Pogoda na piątek. Adwekcja powietrza arktycznego, możliwe lokalne burze i opady śniegu

Opublikowano 19 listopada 2020 o godz. 20:12

Przed nami dynamiczniejsza pogoda nad obszarem Polski. Na kilkadziesiąt godzin do kraju spłynie istotnie zimne powietrze o cechach arktycznych-morskich, które transportowane będzie przez zatokę niżową znad wschodniej Skandynawii, a także klin wyżowy rozciągnięty od Morza Północnego po Morze Norweskie. Adwekcja zimnego powietrza przyniesie duży spadek temperatur w kraju, ale także opady śniegu występujące głównie na północy i północnym wschodzie Polski. Niewykluczone będą także burze nad województwami nadmorskimi (wpływ niestabilnej masy powietrza w tym regionie)

Schematyczna trajektoria spływu mas powietrza w piątek

Opady śniegu pojawić mają się już z samego rana w postaci pasma komórek konwekcyjnych przechodzących w tym samym czasie od województwa zachodniopomorskiego przez pomorskie i częściowo warmińsko-mazurskie. Wg modelu UM komórki z opadami śniegu, ale także opadami mieszanymi, wystąpić mogą bardzo wcześnie, bo już podczas świtu

Opady śniegu i deszczu ze śniegiem w północnej części Polski – prognoza UM na godzinę 06 rano

W kolejnych godzinach komórki będą szybko przemieszczać się dalej w kierunku południowo wschodnim. Opady pojawią się prawdopodobnie także w województwie kujawsko-pomorskim, na północy wielkopolskiego, oraz dalej w warmińsko-mazurskim. Do południa lokalne komórki z opadami deszczu i deszczu ze śniegiem, a także samego śniegu, będą wędrowały głównie przez województwo warmińsko-mazurskie, podlaskie i północ Mazowsza.

Popołudniu komórki konwekcyjne mogą rozwinąć się także od Małopolski po Podkarpacie w południowych częściach. Pojawić mogą się zarówno opady deszczu, deszczu ze śniegiem, śniegu jak i marznącego deszczu. Opadów podobnego typu nie wyklucza się ponadto w południowych, podgórskich regionach Śląska, Opolszczyzny i Dolnego Śląska. Opady mogą trwać tutaj przez całe popołudnie i wieczór, choć będą słabe.

Najspokojniejsza pogoda powinna występować od zachodu przez centrum po wschód.

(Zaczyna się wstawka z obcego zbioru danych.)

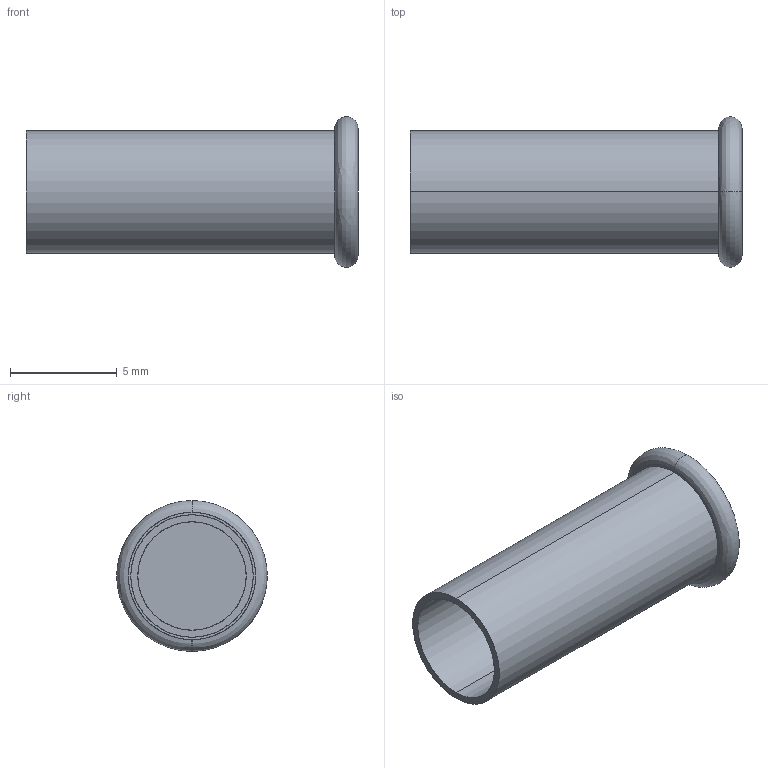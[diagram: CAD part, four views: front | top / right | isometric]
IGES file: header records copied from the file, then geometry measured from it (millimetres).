
Start section: SolidWorks IGES file using analytic representation for surfaces
Global section: file name: C:\Users\Shane\Desktop\22LR-Case.IGS; native system: SolidWorks 2011; preprocessor: SolidWorks 2011; author: Shane; date: 120428.213634; units: inch
Bounding box: 15.57 x 7.06 x 7.06 mm (x, y, z)
Surface area: 581.2 mm2 (no closed solid volume)
Topology: 0 solids, 0 shells, 10 faces, 216 edges, 216 vertices
Faces by surface type: bspline 6, revolution 4

Możliwe opady śniegu i opady mieszane w godzinach popołudniowych (16:00) na południu kraju. Niebieski – śnieg, niebiesko-pomarańczowy – opad mieszany, zielony – deszcz, czerwony – opad marznący

Grubość pokrywy śnieżnej dla wymienionych regionów osiągać będzie 1-5 cm i uzależniona będzie od stopnia natężenia opadów przez wędrujące komórki konwekcyjne. Jak widać przed południem przyrosty pokrywy śniegu wystąpić mogą głównie od województwa zachodniopomorskiego przez pomorskie po warmińsko-mazurskie: od 0,5 do 2 cm. Z uwagi na dodatnie temperatury w ciągu dnia, szansa na utrzymanie się śniegu w dłuższej perspektywie będzie nikła.

Symulacja grubości pokrywy śnieżnej do godziny 09:00

Natomiast do końca dnia śnieg pojawi się zwłaszcza nad Małopolską i Podkarpaciem, gdzie także pokrywa może osiągać okolice 3 cm. W wyższych partiach górskich naturalnie dużo więcej.

Wzrost pokrywy śnieżnej nad Małopolską – liczone na godzinę 20:00

Możliwe lokalne burze

Podczas wędrówki komórek zwłaszcza na północy Polski, mogą pojawić się porywy wiatru do 70 km/h, ale przeważnie 40-60 km/h. Z uwagi na podwyższoną niestabilność w troposferze w tej części kraju, nie można całkowicie wykluczyć wyładowań na trasie komórek. Ryzyko choć jest niewielkie, to będzie istniało. W tego typu sytuacjach może dojść do rozwoju przypadku burzy śnieżnej.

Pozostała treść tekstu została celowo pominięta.